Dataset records
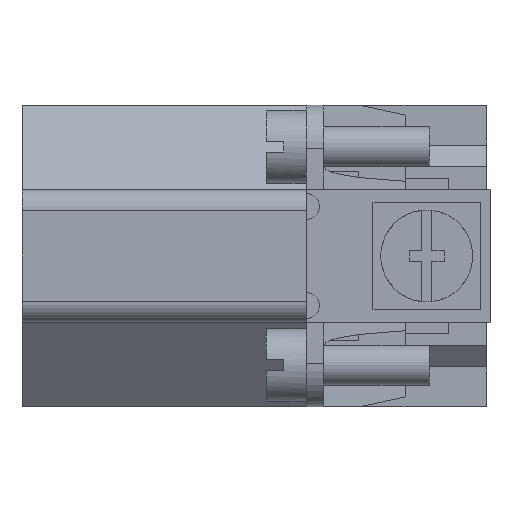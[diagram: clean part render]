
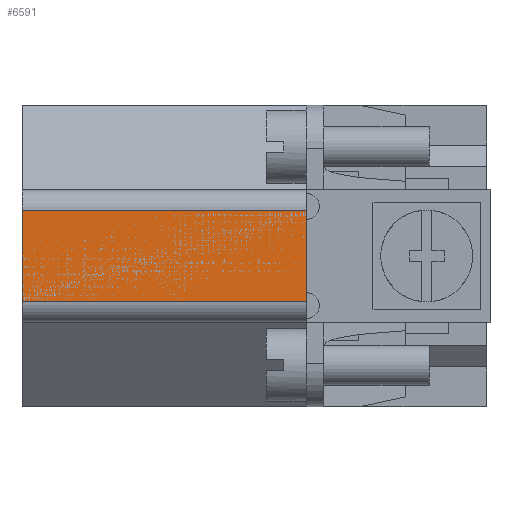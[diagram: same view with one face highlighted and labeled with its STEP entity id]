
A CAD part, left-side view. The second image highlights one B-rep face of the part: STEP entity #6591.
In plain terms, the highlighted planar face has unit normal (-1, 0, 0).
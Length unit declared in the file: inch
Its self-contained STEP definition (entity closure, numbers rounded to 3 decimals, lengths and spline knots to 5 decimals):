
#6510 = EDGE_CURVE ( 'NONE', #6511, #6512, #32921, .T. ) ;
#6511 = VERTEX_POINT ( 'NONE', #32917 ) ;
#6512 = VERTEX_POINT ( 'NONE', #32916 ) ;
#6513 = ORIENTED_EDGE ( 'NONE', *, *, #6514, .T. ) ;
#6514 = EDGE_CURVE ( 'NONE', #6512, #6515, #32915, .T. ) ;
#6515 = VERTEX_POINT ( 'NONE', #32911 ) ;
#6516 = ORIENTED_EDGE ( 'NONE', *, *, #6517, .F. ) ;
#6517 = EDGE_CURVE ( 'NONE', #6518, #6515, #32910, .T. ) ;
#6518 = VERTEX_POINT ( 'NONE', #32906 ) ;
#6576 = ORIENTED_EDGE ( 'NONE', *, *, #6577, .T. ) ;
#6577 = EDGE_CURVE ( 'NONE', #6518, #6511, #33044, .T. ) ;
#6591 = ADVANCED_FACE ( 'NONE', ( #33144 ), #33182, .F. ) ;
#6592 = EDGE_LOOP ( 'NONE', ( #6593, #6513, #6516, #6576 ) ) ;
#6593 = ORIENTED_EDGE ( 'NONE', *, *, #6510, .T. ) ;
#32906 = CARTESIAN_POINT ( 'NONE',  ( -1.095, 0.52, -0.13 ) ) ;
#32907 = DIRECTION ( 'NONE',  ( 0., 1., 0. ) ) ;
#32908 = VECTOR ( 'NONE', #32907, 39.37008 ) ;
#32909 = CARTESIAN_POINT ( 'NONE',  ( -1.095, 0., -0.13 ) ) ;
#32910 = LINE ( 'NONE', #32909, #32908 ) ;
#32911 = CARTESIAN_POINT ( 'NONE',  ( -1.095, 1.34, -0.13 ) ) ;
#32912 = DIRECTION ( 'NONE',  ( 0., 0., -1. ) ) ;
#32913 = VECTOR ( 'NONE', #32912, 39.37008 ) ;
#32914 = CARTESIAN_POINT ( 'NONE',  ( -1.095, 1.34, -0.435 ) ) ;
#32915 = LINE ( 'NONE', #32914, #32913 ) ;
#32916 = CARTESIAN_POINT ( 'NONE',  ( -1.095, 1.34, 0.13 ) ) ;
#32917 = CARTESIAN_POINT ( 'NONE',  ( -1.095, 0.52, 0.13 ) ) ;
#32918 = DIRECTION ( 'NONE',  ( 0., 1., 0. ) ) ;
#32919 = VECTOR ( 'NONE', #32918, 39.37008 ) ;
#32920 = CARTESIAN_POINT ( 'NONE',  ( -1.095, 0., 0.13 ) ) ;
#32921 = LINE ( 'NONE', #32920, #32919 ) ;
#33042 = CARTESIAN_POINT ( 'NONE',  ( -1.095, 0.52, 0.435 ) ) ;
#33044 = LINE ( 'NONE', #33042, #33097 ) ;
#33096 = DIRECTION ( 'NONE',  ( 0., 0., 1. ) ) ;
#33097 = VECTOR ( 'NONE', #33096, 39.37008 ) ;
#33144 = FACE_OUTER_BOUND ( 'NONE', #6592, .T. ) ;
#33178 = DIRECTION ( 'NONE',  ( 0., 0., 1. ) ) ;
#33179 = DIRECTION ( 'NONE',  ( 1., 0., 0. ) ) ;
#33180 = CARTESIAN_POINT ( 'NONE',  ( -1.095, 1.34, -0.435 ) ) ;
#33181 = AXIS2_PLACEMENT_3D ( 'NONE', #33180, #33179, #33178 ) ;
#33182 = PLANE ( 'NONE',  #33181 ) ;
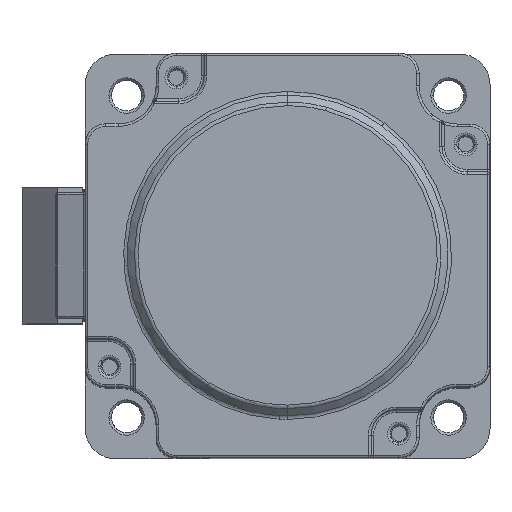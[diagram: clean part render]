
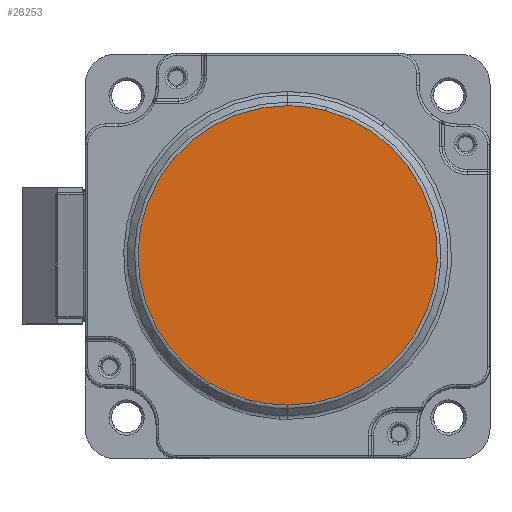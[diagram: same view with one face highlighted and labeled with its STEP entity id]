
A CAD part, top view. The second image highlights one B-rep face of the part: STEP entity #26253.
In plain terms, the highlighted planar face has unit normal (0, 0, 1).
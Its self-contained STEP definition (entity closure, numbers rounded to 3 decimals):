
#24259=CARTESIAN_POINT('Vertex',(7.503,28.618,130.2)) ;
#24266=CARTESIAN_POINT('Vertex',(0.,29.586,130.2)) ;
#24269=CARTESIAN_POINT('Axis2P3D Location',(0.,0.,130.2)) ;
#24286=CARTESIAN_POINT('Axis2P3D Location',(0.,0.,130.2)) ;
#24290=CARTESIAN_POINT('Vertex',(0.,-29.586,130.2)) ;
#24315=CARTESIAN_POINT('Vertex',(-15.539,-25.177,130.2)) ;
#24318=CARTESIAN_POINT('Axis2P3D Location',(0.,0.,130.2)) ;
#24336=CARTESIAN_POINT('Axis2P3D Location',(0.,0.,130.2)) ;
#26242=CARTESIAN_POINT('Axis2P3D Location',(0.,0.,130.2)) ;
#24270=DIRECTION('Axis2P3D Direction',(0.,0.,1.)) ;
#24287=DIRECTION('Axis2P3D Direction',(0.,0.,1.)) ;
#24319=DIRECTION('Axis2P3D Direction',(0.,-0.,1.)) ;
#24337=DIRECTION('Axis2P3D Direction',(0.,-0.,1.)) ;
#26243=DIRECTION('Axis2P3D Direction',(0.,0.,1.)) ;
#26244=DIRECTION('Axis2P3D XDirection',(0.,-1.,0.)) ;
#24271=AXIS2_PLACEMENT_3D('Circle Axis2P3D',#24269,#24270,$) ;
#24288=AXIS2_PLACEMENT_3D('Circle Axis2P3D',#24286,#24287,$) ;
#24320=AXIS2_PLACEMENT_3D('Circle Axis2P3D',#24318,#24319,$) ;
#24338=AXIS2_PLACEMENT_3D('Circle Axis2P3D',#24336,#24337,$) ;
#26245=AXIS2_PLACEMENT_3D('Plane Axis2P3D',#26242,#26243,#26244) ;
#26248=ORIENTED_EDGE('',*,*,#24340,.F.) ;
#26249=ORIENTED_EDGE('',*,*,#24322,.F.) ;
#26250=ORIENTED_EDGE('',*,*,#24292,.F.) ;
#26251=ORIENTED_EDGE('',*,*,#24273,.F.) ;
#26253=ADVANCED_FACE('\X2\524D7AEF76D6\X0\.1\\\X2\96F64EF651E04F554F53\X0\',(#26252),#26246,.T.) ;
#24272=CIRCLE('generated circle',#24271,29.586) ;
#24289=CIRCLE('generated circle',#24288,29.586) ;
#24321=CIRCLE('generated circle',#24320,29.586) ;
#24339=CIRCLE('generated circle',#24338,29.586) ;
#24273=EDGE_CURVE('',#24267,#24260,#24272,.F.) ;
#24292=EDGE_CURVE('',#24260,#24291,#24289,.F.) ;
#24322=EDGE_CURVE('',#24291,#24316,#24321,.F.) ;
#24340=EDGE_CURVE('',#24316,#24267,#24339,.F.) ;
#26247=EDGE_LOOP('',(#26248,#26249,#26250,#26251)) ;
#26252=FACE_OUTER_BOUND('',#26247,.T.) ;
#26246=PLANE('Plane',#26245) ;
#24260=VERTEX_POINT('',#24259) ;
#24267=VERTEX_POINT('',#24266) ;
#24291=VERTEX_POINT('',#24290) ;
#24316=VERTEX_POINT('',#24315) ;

## What to produce
With the pictures left aside, write out all of the records above exactly.

## Written reply
[diagram: clean part render]
[diagram: same view with one face highlighted and labeled with its STEP entity id]
A CAD part, left-side view. The second image highlights one B-rep face of the part: STEP entity #6591.
In plain terms, the highlighted planar face has unit normal (-1, 0, 0).
Length unit declared in the file: inch
Its self-contained STEP definition (entity closure, numbers rounded to 3 decimals, lengths and spline knots to 5 decimals):
#6510 = EDGE_CURVE ( 'NONE', #6511, #6512, #32921, .T. ) ;
#6511 = VERTEX_POINT ( 'NONE', #32917 ) ;
#6512 = VERTEX_POINT ( 'NONE', #32916 ) ;
#6513 = ORIENTED_EDGE ( 'NONE', *, *, #6514, .T. ) ;
#6514 = EDGE_CURVE ( 'NONE', #6512, #6515, #32915, .T. ) ;
#6515 = VERTEX_POINT ( 'NONE', #32911 ) ;
#6516 = ORIENTED_EDGE ( 'NONE', *, *, #6517, .F. ) ;
#6517 = EDGE_CURVE ( 'NONE', #6518, #6515, #32910, .T. ) ;
#6518 = VERTEX_POINT ( 'NONE', #32906 ) ;
#6576 = ORIENTED_EDGE ( 'NONE', *, *, #6577, .T. ) ;
#6577 = EDGE_CURVE ( 'NONE', #6518, #6511, #33044, .T. ) ;
#6591 = ADVANCED_FACE ( 'NONE', ( #33144 ), #33182, .F. ) ;
#6592 = EDGE_LOOP ( 'NONE', ( #6593, #6513, #6516, #6576 ) ) ;
#6593 = ORIENTED_EDGE ( 'NONE', *, *, #6510, .T. ) ;
#32906 = CARTESIAN_POINT ( 'NONE',  ( -1.095, 0.52, -0.13 ) ) ;
#32907 = DIRECTION ( 'NONE',  ( 0., 1., 0. ) ) ;
#32908 = VECTOR ( 'NONE', #32907, 39.37008 ) ;
#32909 = CARTESIAN_POINT ( 'NONE',  ( -1.095, 0., -0.13 ) ) ;
#32910 = LINE ( 'NONE', #32909, #32908 ) ;
#32911 = CARTESIAN_POINT ( 'NONE',  ( -1.095, 1.34, -0.13 ) ) ;
#32912 = DIRECTION ( 'NONE',  ( 0., 0., -1. ) ) ;
#32913 = VECTOR ( 'NONE', #32912, 39.37008 ) ;
#32914 = CARTESIAN_POINT ( 'NONE',  ( -1.095, 1.34, -0.435 ) ) ;
#32915 = LINE ( 'NONE', #32914, #32913 ) ;
#32916 = CARTESIAN_POINT ( 'NONE',  ( -1.095, 1.34, 0.13 ) ) ;
#32917 = CARTESIAN_POINT ( 'NONE',  ( -1.095, 0.52, 0.13 ) ) ;
#32918 = DIRECTION ( 'NONE',  ( 0., 1., 0. ) ) ;
#32919 = VECTOR ( 'NONE', #32918, 39.37008 ) ;
#32920 = CARTESIAN_POINT ( 'NONE',  ( -1.095, 0., 0.13 ) ) ;
#32921 = LINE ( 'NONE', #32920, #32919 ) ;
#33042 = CARTESIAN_POINT ( 'NONE',  ( -1.095, 0.52, 0.435 ) ) ;
#33044 = LINE ( 'NONE', #33042, #33097 ) ;
#33096 = DIRECTION ( 'NONE',  ( 0., 0., 1. ) ) ;
#33097 = VECTOR ( 'NONE', #33096, 39.37008 ) ;
#33144 = FACE_OUTER_BOUND ( 'NONE', #6592, .T. ) ;
#33178 = DIRECTION ( 'NONE',  ( 0., 0., 1. ) ) ;
#33179 = DIRECTION ( 'NONE',  ( 1., 0., 0. ) ) ;
#33180 = CARTESIAN_POINT ( 'NONE',  ( -1.095, 1.34, -0.435 ) ) ;
#33181 = AXIS2_PLACEMENT_3D ( 'NONE', #33180, #33179, #33178 ) ;
#33182 = PLANE ( 'NONE',  #33181 ) ;
[diagram: clean part render]
[diagram: same view with one face highlighted and labeled with its STEP entity id]
A CAD part, top view. The second image highlights one B-rep face of the part: STEP entity #26253.
In plain terms, the highlighted planar face has unit normal (0, 0, 1).
Its self-contained STEP definition (entity closure, numbers rounded to 3 decimals):
#24259=CARTESIAN_POINT('Vertex',(7.503,28.618,130.2)) ;
#24266=CARTESIAN_POINT('Vertex',(0.,29.586,130.2)) ;
#24269=CARTESIAN_POINT('Axis2P3D Location',(0.,0.,130.2)) ;
#24286=CARTESIAN_POINT('Axis2P3D Location',(0.,0.,130.2)) ;
#24290=CARTESIAN_POINT('Vertex',(0.,-29.586,130.2)) ;
#24315=CARTESIAN_POINT('Vertex',(-15.539,-25.177,130.2)) ;
#24318=CARTESIAN_POINT('Axis2P3D Location',(0.,0.,130.2)) ;
#24336=CARTESIAN_POINT('Axis2P3D Location',(0.,0.,130.2)) ;
#26242=CARTESIAN_POINT('Axis2P3D Location',(0.,0.,130.2)) ;
#24270=DIRECTION('Axis2P3D Direction',(0.,0.,1.)) ;
#24287=DIRECTION('Axis2P3D Direction',(0.,0.,1.)) ;
#24319=DIRECTION('Axis2P3D Direction',(0.,-0.,1.)) ;
#24337=DIRECTION('Axis2P3D Direction',(0.,-0.,1.)) ;
#26243=DIRECTION('Axis2P3D Direction',(0.,0.,1.)) ;
#26244=DIRECTION('Axis2P3D XDirection',(0.,-1.,0.)) ;
#24271=AXIS2_PLACEMENT_3D('Circle Axis2P3D',#24269,#24270,$) ;
#24288=AXIS2_PLACEMENT_3D('Circle Axis2P3D',#24286,#24287,$) ;
#24320=AXIS2_PLACEMENT_3D('Circle Axis2P3D',#24318,#24319,$) ;
#24338=AXIS2_PLACEMENT_3D('Circle Axis2P3D',#24336,#24337,$) ;
#26245=AXIS2_PLACEMENT_3D('Plane Axis2P3D',#26242,#26243,#26244) ;
#26248=ORIENTED_EDGE('',*,*,#24340,.F.) ;
#26249=ORIENTED_EDGE('',*,*,#24322,.F.) ;
#26250=ORIENTED_EDGE('',*,*,#24292,.F.) ;
#26251=ORIENTED_EDGE('',*,*,#24273,.F.) ;
#26253=ADVANCED_FACE('\X2\524D7AEF76D6\X0\.1\\\X2\96F64EF651E04F554F53\X0\',(#26252),#26246,.T.) ;
#24272=CIRCLE('generated circle',#24271,29.586) ;
#24289=CIRCLE('generated circle',#24288,29.586) ;
#24321=CIRCLE('generated circle',#24320,29.586) ;
#24339=CIRCLE('generated circle',#24338,29.586) ;
#24273=EDGE_CURVE('',#24267,#24260,#24272,.F.) ;
#24292=EDGE_CURVE('',#24260,#24291,#24289,.F.) ;
#24322=EDGE_CURVE('',#24291,#24316,#24321,.F.) ;
#24340=EDGE_CURVE('',#24316,#24267,#24339,.F.) ;
#26247=EDGE_LOOP('',(#26248,#26249,#26250,#26251)) ;
#26252=FACE_OUTER_BOUND('',#26247,.T.) ;
#26246=PLANE('Plane',#26245) ;
#24260=VERTEX_POINT('',#24259) ;
#24267=VERTEX_POINT('',#24266) ;
#24291=VERTEX_POINT('',#24290) ;
#24316=VERTEX_POINT('',#24315) ;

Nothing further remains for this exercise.